I find buyin any drive a pain in the ***. Bang for buck. But if yours is mechanical what size? Its been a while since I talked to my mates in the storage / nas game about the fall over rates but anything over 2tb has issues of more platters and dies more often.

If your usb is mechanical not ssd, them drives prefer to stay warm so the cooling as they sleep make them give in, ok if you have storage you want to keep but rarely access but if its continuous copy delete move rest repeat then possibly it will just give up. Its why I don't touch blues or greens in the WD range.

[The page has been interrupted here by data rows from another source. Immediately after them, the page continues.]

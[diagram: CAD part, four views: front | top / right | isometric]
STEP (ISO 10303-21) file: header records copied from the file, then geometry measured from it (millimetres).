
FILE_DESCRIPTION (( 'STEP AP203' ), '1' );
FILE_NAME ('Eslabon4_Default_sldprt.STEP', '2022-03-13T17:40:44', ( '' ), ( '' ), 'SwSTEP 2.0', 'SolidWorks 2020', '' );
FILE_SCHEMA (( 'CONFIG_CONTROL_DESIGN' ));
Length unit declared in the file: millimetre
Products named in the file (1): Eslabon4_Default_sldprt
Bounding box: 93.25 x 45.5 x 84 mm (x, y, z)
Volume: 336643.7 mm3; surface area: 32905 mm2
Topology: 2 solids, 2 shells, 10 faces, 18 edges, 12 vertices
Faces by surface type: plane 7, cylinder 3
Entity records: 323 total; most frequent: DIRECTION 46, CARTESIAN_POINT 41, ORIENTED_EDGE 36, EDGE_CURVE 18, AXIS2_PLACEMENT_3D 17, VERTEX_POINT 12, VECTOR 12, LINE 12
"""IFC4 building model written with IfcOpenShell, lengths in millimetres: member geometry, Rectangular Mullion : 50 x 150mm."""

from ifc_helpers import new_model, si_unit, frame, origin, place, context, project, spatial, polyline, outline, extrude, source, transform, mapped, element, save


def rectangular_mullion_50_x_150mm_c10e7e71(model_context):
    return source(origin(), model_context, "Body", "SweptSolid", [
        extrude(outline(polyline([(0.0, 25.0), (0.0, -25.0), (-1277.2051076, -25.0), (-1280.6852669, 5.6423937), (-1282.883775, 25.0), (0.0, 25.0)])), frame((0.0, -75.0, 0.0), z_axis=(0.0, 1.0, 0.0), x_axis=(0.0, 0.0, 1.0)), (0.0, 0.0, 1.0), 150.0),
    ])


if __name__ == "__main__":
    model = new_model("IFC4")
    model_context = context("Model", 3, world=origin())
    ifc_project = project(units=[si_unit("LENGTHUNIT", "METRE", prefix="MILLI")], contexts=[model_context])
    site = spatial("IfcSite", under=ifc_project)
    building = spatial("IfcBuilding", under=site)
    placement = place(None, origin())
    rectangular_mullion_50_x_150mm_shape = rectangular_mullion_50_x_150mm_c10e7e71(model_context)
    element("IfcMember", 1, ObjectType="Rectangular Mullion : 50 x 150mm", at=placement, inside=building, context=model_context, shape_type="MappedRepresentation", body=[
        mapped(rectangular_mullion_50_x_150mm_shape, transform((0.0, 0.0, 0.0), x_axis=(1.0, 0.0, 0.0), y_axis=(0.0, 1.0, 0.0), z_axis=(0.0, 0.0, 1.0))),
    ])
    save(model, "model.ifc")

With these WDs are they blacks? I have heard they been using other non WD drives or sub par ones and they probably aint as great on quality

Move to ssd and you have a decent speed but prices still have to come down on larger drives.

Move to m.2 and they have just gone to 7000mbps and the speed plus the heat (get with a heatsink) apparently give them a quicker death. So whats the safest long term O/S and best for storage. Does Techspot have a storage wars (careful of the copyright) page?
It's a mix of mechanical WD blacks, reds, and golds, 2TB-4TB. Like I said, I don't think it's the drives themselves - CrystalDiskInfo is generally green across the board. I'm like 95% sure it's something to do with the USB controller for the bay (which is less than year old) as the drives work normally over SATA and once the drive bay has reinitialized whatever it keeps shutting down when idle. I usually access the drives at least once a day but they're not doing continuous read-writes or running programs, it's primarily bulk storage.

At this point I'm almost tempted to just try and find a mini case with room for lots of mechanical drives and build a poor man's NAS.
 
...Which leads me to my point: why the hell would anyone want to put a modern multi-TB SSD on USB?...

Only 'legitimate' use case I can think of is if you are using a Pi 4, and want a more desktop-like experience. A Pi OS installed to an SSD vis USB3 has proven to be noticeably faster than the same OS installed to the microSD card. But that is about it. I've seen "apocalypse computers" - computers with offline wikis; IDEs configured for C/C++, Python, and Octave; all packaged up in a watertight case with keyboard, trackpad, battery, - that are based off of a Pi4 and SSD.